Faustin Antoine lives just south of the main road that leads from downtown Tomond to the market in Kas, in a neighborhood of farmland called Wòch a Pyè. He joined the CLM program early in 2018 as a single father with a young son, Néhémie.
He had been living with his partner and their four children in the Dominican Republic, working mainly as a porter. A sudden illness robbed him of the use of his legs. He’s not paralyzed, but the effort to move either leg leaves it shaking uncontrollably, so he has great difficulty standing, much less walking. He returned to his parents’ home in Tomond with two of the children, but the daughter eventually went back to her mother.
When he first joined the CLM program, he was getting around as best as he could by leaning on one broken crutch and a walking stick. One of the program’s first efforts was to help him get to the office of Haiti’s Secretary of State for the Integration of Person’s with Disabilities. There he received a free wheelchair, a model designed for rough usage. He still doesn’t get around much because the yard he lives in is well off anything like a road, but at least he can move around the yard itself, which is made of hard, packed dirt.
As a CLM member, he chose goats and a pig as his enterprises, and he managed both successfully. He is not able to tend to them himself, but he has Néhémie, his parents, his siblings, and others to help him out. He just has to make sure he’s giving them the direction they need to stay on task. Like most members who only choose livestock, however, he was initially left without a way to earn steady income, even little bits of it. So he began selling cellphone minutes. His brother would make his wholesale purchases for him in downtown Tomond, and Faustin could sell to neighbors willing to come to him.
But selling cellphone minutes is not very profitable. The margin is small, and in a place like Wòch a Pyè the volume is small, too. Faustin planned to add a second business, selling cold drinks out of large cooler, but he would have to depend entirely on others to buy the drinks and the ice he would need. So he let a friend start the business instead. He lends the friend his cooler and the capital to buy merchandise, but the friend does the work and gives Faustin some of his profit.
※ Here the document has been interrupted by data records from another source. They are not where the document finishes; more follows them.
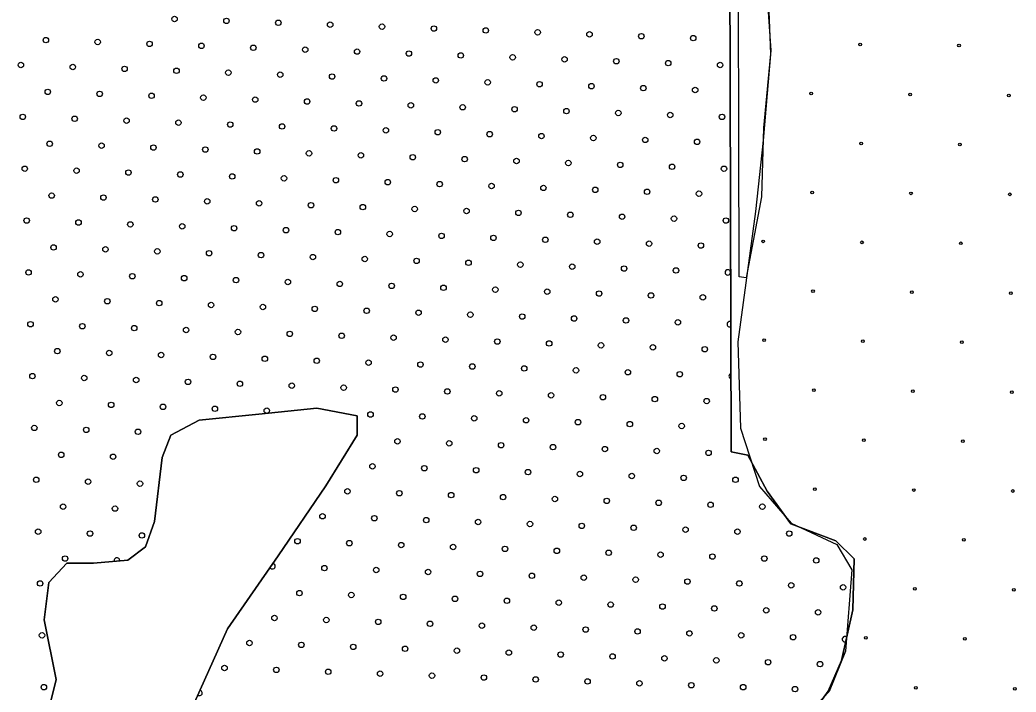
# Model space of a CAD drawing. Extents: x 1612280 to 1883141, y 560852 to 780851.
# Drawn here: x 1797542 to 1801414, y 643587 to 646201 of the extents above; entities that cross this region are included whole.
import ezdxf

# ---------------------------------------------------------------- set-up
doc = ezdxf.new("R2010")
doc.units = 0
for name, color, linetype in [('DESIGN - EROSION CONTROL - Devices', 7, 'Continuous'), ('DESIGN - SCRATCH - User 1', 7, 'Continuous'), ('DESIGN - TRAFFIC CONTROL PERMANENT - Pavement Marking Text', 7, 'Continuous')]:
    doc.layers.add(name, color=color, linetype=linetype)

msp = doc.modelspace()

# ---------------------------------------------------------------- linework, layer by layer
at = {"layer": 'DESIGN - EROSION CONTROL - Devices'}
for centre in [(1800808, 646105.4), (1800808, 646105.4), (1801192.6, 646101.6), (1801192.6, 646101.6), (1800617.6, 645915), (1800617.6, 645915), (1801002.2, 645911.2), (1801002.2, 645911.2), (1801386.7, 645907.5), (1801386.7, 645907.5), (1800811.8, 645720.8), (1800811.8, 645720.8), (1801196.3, 645717.1), (1801196.3, 645717.1), (1800621.4, 645530.4), (1800621.4, 645530.4), (1801005.9, 645526.7), (1801005.9, 645526.7), (1801390.5, 645522.9), (1801390.5, 645522.9), (1800430.9, 645340), (1800430.9, 645340), (1800815.5, 645336.3), (1800815.5, 645336.3), (1801200.1, 645332.5), (1801200.1, 645332.5), (1800625.1, 645145.9), (1800625.1, 645145.9), (1801009.6, 645142.1), (1801009.6, 645142.1), (1801394.2, 645138.4), (1801394.2, 645138.4), (1800434.7, 644955.5), (1800434.7, 644955.5), (1800819.2, 644951.7), (1800819.2, 644951.7), (1801203.8, 644948), (1801203.8, 644948), (1800628.8, 644761.3), (1800628.8, 644761.3), (1801013.4, 644757.6), (1801013.4, 644757.6), (1801397.9, 644753.8), (1801397.9, 644753.8), (1800438.4, 644570.9), (1800438.4, 644570.9), (1800823, 644567.2), (1800823, 644567.2), (1801207.5, 644563.4), (1801207.5, 644563.4), (1800632.6, 644376.8), (1800632.6, 644376.8), (1801017.1, 644373), (1801017.1, 644373), (1801401.7, 644369.3), (1801401.7, 644369.3), (1800826.7, 644182.6), (1800826.7, 644182.6), (1801211.3, 644178.9), (1801211.3, 644178.9), (1801020.8, 643988.5), (1801020.8, 643988.5), (1801405.4, 643984.7), (1801405.4, 643984.7), (1800830.4, 643798.1), (1800830.4, 643798.1), (1801215, 643794.3), (1801215, 643794.3), (1801024.6, 643603.9), (1801024.6, 643603.9), (1801409.1, 643600.2), (1801409.1, 643600.2)]:
    msp.add_circle(centre, 5.28, dxfattribs=at)
msp.add_arc((1800427.2, 645724.6), 5.28, 305.5465, 42.2302, dxfattribs=at)
at = {"layer": 'DESIGN - SCRATCH - User 1'}
for points in [[(1798208.9, 647837), (1798232.8, 647739), (1798347.4, 647650.5), (1798612.6, 647629), (1798901.6, 647648.1), (1799104.6, 647657.7), (1799343.5, 647633.8), (1799482, 647566.9), (1799632.5, 647461.7), (1799871.3, 647409.1), (1800110.2, 647397.2), (1800298.9, 647368.5), (1800306.3, 644522)], [(1800306.3, 644522), (1800298.9, 647368.5), (1800110.2, 647397.2), (1799871.3, 647409.1), (1799632.5, 647461.7), (1799482, 647566.9), (1799343.5, 647633.8), (1799104.6, 647657.7), (1798901.6, 647648.1), (1798612.6, 647629), (1798347.4, 647650.5), (1798232.8, 647739), (1798208.9, 647837)], [(1798208.9, 647837), (1798232.8, 647739), (1798347.4, 647650.5), (1798612.6, 647629), (1798901.6, 647648.1), (1799104.6, 647657.7), (1799343.5, 647633.8), (1799482, 647566.9), (1799632.5, 647461.7), (1799871.3, 647409.1), (1800110.2, 647397.2), (1800298.9, 647368.5), (1800306.3, 644522)], [(1800306.3, 644522), (1800298.9, 647368.5), (1800110.2, 647397.2), (1799871.3, 647409.1), (1799632.5, 647461.7), (1799482, 647566.9), (1799343.5, 647633.8), (1799104.6, 647657.7), (1798901.6, 647648.1), (1798612.6, 647629), (1798347.4, 647650.5), (1798232.8, 647739), (1798208.9, 647837)], [(1800365.2, 645198), (1800337.6, 645201.9), (1800333.7, 646825.7), (1800321.9, 647361.8)], [(1800365.2, 645198), (1800337.6, 645201.9), (1800333.7, 646825.7), (1800321.9, 647361.8)], [(1801148.2, 646662), (1800973.1, 646855.7), (1800830.3, 646880.3), (1800599, 646806.4), (1800441.4, 646683.3), (1800426.7, 646594.6), (1800441.4, 646363), (1800461.1, 646082.2), (1800431.6, 645732.4), (1800402, 645456.6), (1800333.1, 644949.1), (1800343, 644614.1)], [(1801148.2, 646662), (1800973.1, 646855.7), (1800830.3, 646880.3), (1800599, 646806.4), (1800441.4, 646683.3), (1800426.7, 646594.6), (1800441.4, 646363), (1800461.1, 646082.2), (1800431.6, 645732.4), (1800402, 645456.6), (1800333.1, 644949.1), (1800343, 644614.1)], [(1801184.4, 646644.4), (1801129.3, 646676), (1801015.1, 646825.7), (1800893, 646892.7), (1800755.1, 646873), (1800566.1, 646774.5), (1800432.2, 646664.2), (1800412.5, 646561.7), (1800447.9, 646368.6), (1800459.7, 646069), (1800432.2, 645781.3), (1800424.3, 645513.3), (1800365.2, 645198)], [(1801184.4, 646644.4), (1801129.3, 646676), (1801015.1, 646825.7), (1800893, 646892.7), (1800755.1, 646873), (1800566.1, 646774.5), (1800432.2, 646664.2), (1800412.5, 646561.7), (1800447.9, 646368.6), (1800459.7, 646069), (1800432.2, 645781.3), (1800424.3, 645513.3), (1800365.2, 645198)], [(1798204.6, 643509), (1798349.3, 643833.5), (1798546.2, 644117.4), (1798731.5, 644389.7), (1798853.1, 644586.7), (1798853.1, 644662), (1798696.7, 644691), (1798470.9, 644667.8), (1798239.3, 644644.6), (1798129.3, 644586.7), (1798094.6, 644499.8), (1798065.6, 644250.6), (1798030.9, 644152.2), (1797961.4, 644100), (1797828.2, 644088.4), (1797724, 644088.4), (1797654.5, 644013.1), (1797637.1, 643868.3), (1797683.4, 643636.5), (1797654.5, 643520.6)], [(1797654.5, 643520.6), (1797683.4, 643636.5), (1797637.1, 643868.3), (1797654.5, 644013.1), (1797724, 644088.4), (1797828.2, 644088.4), (1797961.4, 644100), (1798030.9, 644152.2), (1798065.6, 644250.6), (1798094.6, 644499.8), (1798129.3, 644586.7), (1798239.3, 644644.6), (1798470.9, 644667.8), (1798696.7, 644691), (1798853.1, 644662), (1798853.1, 644586.7), (1798731.5, 644389.7), (1798546.2, 644117.4), (1798349.3, 643833.5), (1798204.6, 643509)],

Then during the fall, a couple of months after his graduation, Faustin had an idea. He would start selling rice. His brother buys two small sacks for him each week, and Faustin sells it by the cupful. A sack costs 1,875 gourds, which is a little over $20 right now. The sacks contain about 50 cups of rice, which go for 50 gourds each, so he should make 675 gourds on every sack.
But he actually makes much more than that because of the way he sells it. Some of his customers simply come to him and buy a cup of rice, but that’s not what most do. He has cut a piece of foam rubber into small cubes that he sells for five gourds. He also bought a deck of cards. His customers gamble for the little foam cubes. When they win ten of them, they can turn them in for a cup of rice. Or, if they want cash, they can sell the cup of rice back to him for 45 gourds. His strategy takes advantage of how much people like to gamble and it allows him, in a sense, to sell the same rice multiple times.
It’s been enormously successful. He started out with about 2750 gourds in the business, money he earned by selling one of his goats. After just about a month he has more than 20,000 gourds.
And he has plans to increase his income. He’s getting ready to move out of his mother’s house and into the one he built while he was in CLM. He already runs his card game/rice business there. But once he lives there, he’ll start selling rum, cigarettes, and snacks to the players. He can’t sell such things, especially rum, while living with his parents. “They’re church people. They don’t approve of that stuff.”
An out of the box thinker. Good for him.
There are no limits to creativity!
I think you should translate for the reader “Woch a Pye”. It’s classic!
Translating the name led to a discussion. It looks like Northern Creole, and would mean “Peter’s Rock.” Hébert pointed out the Peter’s Rock often refers to rocks containing enough flint that they are used to start fires. Gauthier was won over by Hébert’s hypothesis.